Montrone Michele, Longo Vito, Catino Annamaria, Pizzutilo Pamela, Galetta Domenico
IRCCS Istituto Tumori Giovanni Paolo II, SSD Oncologia Medica per la Patologia Toracica, Bari.
Recenti Prog Med. 2021 Jan;112(1):10e-13e. doi: 10.1701/3525.35132.
Modern gene profiling techniques have allowed in recent years considerable progresses in the knowledge of molecular alterations in the context of non-small cell lung cancer (NSCLC). In some cases, these alterations have been recognized as having a pathogenic role and targeted therapies capable of inhibiting tumor proliferation by selective and specific blocking of the enzymatic activity of the related abnormal proteins have been developed. This has made it possible to improve the effectiveness of the treatments by minimizing toxicity. Today it is essential to apply Comprehensive Genomic Profiling methods also in clinical practice, in order to allow the best treatment available for each patient, possibly also in the context of clinical trials. Below we report the clinical history of a patient with advanced stage adenocarcinoma of the lung with molecular diagnosis of RET fusion, treated with pralsetinib with excellent clinical and radiological response and good tolerability. This clinical case emphasizes the importance of the broader molecular profiling in patients with advanced NSCLC (especially for non-squamous histology) from the diagnosis before starting first-line treatment.

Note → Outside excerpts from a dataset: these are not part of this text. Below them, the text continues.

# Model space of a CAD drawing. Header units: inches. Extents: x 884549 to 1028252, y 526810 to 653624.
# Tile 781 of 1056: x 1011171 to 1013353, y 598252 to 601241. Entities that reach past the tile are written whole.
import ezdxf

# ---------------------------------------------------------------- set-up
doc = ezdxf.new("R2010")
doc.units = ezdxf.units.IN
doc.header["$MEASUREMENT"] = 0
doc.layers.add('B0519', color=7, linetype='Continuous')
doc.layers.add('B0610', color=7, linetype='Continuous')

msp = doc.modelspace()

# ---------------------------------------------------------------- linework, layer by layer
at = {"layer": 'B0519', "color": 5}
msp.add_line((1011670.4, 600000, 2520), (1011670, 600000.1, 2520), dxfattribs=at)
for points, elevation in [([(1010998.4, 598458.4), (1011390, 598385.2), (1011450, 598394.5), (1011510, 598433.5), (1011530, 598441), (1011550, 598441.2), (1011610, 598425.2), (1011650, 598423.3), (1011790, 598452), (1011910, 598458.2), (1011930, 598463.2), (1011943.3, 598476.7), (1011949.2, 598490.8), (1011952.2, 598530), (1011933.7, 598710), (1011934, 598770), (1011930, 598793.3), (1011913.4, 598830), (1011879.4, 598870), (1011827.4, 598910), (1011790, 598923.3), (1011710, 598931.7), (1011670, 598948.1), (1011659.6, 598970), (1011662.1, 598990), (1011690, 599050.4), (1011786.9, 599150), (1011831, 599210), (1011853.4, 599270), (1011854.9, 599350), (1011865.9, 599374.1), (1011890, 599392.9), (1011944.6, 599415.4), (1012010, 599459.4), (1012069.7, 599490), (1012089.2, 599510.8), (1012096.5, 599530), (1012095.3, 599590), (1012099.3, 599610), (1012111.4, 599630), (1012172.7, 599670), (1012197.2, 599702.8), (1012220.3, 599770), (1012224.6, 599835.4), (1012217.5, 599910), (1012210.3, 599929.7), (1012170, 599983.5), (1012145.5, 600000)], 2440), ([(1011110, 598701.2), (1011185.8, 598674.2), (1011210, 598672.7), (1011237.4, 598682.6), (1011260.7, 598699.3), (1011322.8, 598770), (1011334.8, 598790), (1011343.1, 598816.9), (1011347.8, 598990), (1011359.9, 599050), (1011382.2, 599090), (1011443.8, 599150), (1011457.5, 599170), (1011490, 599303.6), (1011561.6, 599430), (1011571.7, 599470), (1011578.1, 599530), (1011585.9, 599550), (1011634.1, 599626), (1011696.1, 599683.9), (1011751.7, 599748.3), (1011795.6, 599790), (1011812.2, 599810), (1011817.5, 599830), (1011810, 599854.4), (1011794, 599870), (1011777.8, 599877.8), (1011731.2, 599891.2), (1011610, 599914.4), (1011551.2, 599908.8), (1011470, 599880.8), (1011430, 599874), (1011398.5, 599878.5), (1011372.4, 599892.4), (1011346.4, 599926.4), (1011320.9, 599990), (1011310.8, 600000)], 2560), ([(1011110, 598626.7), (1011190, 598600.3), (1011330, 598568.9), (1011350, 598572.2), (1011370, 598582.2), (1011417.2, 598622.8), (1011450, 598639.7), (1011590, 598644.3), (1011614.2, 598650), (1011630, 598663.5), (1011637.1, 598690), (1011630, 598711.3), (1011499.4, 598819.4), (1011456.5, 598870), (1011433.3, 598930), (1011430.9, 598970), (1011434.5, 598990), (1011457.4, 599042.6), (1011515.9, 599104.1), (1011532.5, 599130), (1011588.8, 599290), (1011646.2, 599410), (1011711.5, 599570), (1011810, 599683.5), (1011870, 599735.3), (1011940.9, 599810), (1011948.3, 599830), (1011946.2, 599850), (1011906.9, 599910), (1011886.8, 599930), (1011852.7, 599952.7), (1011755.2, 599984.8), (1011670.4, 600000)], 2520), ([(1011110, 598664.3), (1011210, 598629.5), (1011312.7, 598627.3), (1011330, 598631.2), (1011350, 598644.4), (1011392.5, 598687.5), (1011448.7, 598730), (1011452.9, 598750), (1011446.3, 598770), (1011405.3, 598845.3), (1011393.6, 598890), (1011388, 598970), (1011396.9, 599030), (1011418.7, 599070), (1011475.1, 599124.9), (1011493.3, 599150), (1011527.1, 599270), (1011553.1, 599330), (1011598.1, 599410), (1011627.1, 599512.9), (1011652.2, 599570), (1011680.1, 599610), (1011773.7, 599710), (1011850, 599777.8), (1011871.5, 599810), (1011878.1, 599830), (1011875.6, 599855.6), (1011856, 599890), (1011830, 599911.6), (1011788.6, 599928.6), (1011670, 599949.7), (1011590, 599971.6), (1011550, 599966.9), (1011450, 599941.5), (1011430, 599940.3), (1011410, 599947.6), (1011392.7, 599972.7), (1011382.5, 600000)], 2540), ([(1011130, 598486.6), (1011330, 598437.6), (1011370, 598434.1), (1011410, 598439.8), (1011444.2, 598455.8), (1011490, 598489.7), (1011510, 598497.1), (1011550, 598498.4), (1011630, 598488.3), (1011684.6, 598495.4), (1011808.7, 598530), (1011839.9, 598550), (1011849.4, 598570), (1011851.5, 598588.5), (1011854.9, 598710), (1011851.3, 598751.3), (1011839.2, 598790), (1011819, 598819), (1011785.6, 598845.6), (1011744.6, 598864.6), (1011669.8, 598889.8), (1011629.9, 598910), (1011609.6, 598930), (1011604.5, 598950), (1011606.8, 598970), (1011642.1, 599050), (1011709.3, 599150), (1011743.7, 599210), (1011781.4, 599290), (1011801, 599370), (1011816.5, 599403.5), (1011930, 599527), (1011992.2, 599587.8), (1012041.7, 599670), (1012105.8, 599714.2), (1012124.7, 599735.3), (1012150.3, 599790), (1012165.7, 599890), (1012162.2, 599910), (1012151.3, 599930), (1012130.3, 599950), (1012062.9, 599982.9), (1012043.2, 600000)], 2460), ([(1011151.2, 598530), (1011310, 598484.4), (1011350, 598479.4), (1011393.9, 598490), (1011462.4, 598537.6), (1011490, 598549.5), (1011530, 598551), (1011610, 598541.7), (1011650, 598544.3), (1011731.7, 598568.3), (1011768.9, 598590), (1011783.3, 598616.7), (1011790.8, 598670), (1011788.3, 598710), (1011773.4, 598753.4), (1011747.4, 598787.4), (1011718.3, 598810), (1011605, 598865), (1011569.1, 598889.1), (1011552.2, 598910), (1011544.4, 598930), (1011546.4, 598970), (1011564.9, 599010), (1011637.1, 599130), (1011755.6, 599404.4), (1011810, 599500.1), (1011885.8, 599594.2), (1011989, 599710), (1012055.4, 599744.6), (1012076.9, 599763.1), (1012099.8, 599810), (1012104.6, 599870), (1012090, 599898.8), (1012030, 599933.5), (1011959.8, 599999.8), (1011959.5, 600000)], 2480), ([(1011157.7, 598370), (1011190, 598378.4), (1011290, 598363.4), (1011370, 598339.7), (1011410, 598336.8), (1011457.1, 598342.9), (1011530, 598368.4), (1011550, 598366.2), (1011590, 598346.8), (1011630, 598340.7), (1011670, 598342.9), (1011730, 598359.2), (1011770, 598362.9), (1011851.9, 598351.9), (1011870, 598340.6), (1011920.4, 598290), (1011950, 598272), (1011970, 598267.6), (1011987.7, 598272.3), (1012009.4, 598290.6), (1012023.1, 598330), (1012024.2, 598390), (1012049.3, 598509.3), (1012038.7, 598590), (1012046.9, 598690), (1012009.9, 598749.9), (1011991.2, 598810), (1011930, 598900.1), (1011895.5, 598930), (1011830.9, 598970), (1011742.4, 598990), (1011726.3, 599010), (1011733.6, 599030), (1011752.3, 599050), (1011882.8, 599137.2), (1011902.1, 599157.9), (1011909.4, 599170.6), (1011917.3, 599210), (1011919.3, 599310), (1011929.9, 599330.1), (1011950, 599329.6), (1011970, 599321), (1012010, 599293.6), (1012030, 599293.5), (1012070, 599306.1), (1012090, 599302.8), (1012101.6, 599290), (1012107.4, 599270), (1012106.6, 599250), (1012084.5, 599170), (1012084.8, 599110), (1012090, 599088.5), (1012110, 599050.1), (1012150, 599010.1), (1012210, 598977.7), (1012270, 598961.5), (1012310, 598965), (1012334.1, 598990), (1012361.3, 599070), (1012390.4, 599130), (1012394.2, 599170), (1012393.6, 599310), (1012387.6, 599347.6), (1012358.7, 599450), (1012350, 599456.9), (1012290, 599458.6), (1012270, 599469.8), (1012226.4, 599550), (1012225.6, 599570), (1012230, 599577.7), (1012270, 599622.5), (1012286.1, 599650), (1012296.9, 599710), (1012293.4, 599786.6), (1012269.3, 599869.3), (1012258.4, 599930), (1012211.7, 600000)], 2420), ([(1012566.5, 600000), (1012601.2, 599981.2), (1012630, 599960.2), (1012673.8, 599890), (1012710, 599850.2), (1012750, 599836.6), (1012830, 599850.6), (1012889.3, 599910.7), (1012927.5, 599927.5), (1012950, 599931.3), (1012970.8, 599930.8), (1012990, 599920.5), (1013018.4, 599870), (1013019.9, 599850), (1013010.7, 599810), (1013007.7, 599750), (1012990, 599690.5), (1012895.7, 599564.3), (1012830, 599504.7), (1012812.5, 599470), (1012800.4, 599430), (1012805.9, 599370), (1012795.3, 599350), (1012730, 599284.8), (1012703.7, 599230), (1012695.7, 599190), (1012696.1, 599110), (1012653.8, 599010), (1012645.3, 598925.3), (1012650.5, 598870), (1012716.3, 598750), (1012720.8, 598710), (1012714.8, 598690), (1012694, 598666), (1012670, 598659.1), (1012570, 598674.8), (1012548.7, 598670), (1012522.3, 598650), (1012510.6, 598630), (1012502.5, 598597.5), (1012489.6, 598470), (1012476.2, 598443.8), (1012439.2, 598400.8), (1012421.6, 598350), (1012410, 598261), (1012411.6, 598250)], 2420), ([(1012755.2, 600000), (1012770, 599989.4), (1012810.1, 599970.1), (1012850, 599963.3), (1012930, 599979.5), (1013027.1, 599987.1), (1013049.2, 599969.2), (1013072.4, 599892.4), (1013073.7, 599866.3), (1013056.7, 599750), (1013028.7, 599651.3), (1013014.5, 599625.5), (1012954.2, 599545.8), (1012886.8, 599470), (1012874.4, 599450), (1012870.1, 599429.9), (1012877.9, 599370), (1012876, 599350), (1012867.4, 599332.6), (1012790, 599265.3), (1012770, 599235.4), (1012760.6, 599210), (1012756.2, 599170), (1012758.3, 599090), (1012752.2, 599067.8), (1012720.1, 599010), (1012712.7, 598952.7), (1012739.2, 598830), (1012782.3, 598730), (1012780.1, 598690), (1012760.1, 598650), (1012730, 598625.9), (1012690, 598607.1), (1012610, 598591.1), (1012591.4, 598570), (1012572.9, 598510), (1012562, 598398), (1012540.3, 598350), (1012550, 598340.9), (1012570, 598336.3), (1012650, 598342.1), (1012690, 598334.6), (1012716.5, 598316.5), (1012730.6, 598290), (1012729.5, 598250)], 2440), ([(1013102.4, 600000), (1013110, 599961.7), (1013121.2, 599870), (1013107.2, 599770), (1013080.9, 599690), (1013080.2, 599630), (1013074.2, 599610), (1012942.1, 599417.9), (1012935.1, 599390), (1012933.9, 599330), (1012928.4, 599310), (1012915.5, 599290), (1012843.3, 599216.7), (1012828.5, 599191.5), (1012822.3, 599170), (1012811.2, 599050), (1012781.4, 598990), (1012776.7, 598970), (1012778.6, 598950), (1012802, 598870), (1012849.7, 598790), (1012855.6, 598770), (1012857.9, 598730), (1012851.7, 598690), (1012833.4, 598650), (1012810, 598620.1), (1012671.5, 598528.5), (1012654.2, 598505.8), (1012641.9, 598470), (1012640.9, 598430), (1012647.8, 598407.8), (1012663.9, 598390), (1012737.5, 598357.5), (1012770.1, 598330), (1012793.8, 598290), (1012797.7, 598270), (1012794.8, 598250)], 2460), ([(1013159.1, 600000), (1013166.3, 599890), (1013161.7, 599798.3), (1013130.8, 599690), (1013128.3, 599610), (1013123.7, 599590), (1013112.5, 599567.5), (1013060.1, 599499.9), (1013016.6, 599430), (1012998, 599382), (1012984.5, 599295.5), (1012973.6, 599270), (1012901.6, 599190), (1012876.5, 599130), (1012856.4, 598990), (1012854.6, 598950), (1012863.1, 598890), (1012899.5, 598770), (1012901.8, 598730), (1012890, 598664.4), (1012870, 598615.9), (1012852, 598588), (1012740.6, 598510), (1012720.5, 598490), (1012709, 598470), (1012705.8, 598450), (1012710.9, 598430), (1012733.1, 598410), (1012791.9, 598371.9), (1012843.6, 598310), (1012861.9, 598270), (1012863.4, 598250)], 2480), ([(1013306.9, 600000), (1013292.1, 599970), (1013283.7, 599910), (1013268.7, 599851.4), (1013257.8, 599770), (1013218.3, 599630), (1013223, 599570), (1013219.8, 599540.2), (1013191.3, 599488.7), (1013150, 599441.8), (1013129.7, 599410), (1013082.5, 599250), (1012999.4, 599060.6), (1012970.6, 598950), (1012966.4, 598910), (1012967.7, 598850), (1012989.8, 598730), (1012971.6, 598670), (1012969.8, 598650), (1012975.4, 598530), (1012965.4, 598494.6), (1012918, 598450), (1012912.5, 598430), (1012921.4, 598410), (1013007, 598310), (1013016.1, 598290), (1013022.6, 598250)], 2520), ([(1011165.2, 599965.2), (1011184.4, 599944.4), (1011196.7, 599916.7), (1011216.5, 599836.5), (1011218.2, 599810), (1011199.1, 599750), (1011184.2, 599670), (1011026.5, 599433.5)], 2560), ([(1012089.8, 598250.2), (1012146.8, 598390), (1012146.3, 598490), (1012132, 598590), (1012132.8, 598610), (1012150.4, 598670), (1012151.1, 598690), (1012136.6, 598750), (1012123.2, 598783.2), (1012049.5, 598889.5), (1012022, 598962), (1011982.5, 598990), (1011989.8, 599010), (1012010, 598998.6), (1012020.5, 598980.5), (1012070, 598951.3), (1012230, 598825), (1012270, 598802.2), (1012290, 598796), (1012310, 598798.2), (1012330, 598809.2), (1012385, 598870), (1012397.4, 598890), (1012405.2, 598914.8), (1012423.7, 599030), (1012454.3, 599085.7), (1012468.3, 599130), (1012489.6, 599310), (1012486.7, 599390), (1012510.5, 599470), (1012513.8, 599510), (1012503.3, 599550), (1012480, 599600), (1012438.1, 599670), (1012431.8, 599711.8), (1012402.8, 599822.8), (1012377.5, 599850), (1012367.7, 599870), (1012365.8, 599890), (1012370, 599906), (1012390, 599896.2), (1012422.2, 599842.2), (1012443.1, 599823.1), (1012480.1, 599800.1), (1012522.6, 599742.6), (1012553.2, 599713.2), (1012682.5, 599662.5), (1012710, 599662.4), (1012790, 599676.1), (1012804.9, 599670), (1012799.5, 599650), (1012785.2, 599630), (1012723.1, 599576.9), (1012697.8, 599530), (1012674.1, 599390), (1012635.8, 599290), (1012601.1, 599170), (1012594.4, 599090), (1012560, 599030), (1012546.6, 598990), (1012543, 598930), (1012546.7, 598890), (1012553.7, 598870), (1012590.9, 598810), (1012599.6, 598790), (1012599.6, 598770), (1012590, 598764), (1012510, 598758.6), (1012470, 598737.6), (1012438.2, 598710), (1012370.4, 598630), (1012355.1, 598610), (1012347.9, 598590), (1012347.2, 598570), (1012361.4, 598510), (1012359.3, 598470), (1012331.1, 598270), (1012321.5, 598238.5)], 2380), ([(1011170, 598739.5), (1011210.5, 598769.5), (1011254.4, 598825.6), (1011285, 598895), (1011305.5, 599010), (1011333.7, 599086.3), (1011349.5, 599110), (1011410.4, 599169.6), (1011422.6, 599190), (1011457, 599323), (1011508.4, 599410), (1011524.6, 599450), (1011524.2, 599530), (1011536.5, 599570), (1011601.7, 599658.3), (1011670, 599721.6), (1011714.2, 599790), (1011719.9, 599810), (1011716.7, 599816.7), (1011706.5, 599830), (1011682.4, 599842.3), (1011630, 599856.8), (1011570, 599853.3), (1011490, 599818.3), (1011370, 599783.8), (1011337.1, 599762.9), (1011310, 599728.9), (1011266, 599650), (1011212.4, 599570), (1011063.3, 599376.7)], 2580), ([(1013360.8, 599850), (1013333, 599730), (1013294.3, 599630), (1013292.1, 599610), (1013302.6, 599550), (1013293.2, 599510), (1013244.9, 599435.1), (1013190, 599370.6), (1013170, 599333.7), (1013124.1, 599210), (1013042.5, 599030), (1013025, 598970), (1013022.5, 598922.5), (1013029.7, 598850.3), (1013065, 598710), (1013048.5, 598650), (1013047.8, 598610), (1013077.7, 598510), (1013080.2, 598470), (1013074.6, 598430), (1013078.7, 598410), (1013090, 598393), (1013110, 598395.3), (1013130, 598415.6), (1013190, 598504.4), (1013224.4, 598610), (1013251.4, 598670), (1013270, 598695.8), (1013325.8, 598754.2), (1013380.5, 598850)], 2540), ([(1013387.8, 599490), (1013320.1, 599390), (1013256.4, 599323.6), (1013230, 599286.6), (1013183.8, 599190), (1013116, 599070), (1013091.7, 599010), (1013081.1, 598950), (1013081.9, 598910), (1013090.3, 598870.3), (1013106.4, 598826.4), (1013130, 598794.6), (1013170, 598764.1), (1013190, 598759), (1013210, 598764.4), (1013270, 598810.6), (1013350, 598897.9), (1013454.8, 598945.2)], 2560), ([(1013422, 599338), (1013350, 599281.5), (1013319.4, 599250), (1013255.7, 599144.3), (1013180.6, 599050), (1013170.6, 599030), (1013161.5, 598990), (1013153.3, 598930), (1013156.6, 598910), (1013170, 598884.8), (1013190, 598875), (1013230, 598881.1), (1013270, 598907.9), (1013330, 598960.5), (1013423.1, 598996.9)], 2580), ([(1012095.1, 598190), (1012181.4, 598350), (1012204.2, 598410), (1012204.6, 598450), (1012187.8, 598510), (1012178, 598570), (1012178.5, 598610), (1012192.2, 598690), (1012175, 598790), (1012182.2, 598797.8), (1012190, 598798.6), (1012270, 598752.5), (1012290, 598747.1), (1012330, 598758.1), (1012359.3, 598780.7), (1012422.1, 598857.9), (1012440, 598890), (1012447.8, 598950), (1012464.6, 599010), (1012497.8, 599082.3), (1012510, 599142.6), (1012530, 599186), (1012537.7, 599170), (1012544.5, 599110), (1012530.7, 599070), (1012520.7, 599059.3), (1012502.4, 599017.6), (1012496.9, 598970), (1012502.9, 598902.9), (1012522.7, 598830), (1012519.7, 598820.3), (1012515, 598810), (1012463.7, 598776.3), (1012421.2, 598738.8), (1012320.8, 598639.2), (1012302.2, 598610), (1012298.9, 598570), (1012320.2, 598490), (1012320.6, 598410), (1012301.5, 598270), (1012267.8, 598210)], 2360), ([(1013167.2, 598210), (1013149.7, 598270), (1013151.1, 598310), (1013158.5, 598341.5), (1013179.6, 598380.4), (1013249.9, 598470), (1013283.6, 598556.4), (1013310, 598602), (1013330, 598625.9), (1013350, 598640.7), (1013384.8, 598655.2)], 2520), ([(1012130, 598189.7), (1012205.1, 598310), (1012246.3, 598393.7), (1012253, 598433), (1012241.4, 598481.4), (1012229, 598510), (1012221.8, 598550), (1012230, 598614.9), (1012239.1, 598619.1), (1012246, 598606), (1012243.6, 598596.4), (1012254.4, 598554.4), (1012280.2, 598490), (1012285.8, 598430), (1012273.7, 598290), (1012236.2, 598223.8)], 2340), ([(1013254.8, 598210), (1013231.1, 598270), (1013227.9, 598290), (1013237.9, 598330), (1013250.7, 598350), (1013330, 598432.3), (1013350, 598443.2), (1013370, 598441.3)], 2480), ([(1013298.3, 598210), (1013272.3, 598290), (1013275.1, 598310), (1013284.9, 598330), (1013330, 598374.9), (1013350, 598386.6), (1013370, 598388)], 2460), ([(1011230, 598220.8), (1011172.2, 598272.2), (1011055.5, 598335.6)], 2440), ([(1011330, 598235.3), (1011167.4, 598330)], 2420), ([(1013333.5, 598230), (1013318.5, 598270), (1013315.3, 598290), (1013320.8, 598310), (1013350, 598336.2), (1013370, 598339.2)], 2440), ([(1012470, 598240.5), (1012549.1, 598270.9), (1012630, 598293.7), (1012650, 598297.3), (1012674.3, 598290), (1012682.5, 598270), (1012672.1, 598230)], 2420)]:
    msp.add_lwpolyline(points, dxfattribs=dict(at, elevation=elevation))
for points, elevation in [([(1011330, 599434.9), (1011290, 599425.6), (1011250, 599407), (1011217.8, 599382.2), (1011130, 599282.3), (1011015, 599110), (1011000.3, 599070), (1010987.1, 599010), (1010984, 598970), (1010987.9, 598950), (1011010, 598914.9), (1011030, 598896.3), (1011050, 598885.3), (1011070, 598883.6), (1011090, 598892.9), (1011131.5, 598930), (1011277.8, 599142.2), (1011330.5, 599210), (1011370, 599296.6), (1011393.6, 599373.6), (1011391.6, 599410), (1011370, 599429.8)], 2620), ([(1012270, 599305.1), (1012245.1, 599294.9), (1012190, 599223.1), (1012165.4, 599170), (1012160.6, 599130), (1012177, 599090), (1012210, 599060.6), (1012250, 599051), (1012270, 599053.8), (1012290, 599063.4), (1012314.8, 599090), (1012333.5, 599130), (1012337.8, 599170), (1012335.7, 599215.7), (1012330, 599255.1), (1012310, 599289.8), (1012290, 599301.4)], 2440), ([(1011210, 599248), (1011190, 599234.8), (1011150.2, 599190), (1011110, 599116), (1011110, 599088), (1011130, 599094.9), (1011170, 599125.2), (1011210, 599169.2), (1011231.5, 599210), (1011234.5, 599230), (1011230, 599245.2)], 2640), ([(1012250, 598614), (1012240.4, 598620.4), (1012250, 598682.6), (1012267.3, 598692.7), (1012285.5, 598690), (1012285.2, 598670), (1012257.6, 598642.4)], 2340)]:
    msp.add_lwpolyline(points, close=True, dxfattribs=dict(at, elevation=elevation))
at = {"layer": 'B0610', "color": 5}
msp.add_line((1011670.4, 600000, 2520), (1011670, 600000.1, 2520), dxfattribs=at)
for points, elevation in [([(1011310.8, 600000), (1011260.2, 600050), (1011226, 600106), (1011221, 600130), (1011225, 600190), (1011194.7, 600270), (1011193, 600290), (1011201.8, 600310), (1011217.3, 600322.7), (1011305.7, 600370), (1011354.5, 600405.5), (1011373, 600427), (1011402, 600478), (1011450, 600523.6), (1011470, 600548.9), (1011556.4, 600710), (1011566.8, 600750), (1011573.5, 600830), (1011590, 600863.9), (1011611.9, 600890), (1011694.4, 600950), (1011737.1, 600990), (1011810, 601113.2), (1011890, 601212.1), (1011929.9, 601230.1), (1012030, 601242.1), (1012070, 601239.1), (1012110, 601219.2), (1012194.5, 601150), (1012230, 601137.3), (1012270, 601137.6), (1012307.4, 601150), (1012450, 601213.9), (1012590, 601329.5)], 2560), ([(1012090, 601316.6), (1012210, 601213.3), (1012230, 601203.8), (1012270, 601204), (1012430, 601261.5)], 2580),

近年来,现代基因谱分析技术在非小细胞肺癌(NSCLC)背景下的分子改变知识方面取得了相当大的进展。在某些情况下,这些改变已被认为具有致病作用,并且已经开发出能够通过选择性和特异性阻断相关异常蛋白的酶活性来抑制肿瘤增殖的靶向疗法。这使得通过最小化毒性来提高治疗效果成为可能。如今,在临床实践中应用综合基因组谱分析方法至关重要,以便为每位患者提供最佳可用治疗,甚至可能在临床试验背景下也是如此。以下我们报告一例晚期肺腺癌患者的临床病史,该患者经分子诊断为RET融合,接受普拉替尼治疗后获得了出色的临床和放射学反应以及良好的耐受性。该临床病例强调了在晚期NSCLC患者(尤其是非鳞状组织学患者)从一线治疗开始前的诊断中进行更广泛分子谱分析的重要性。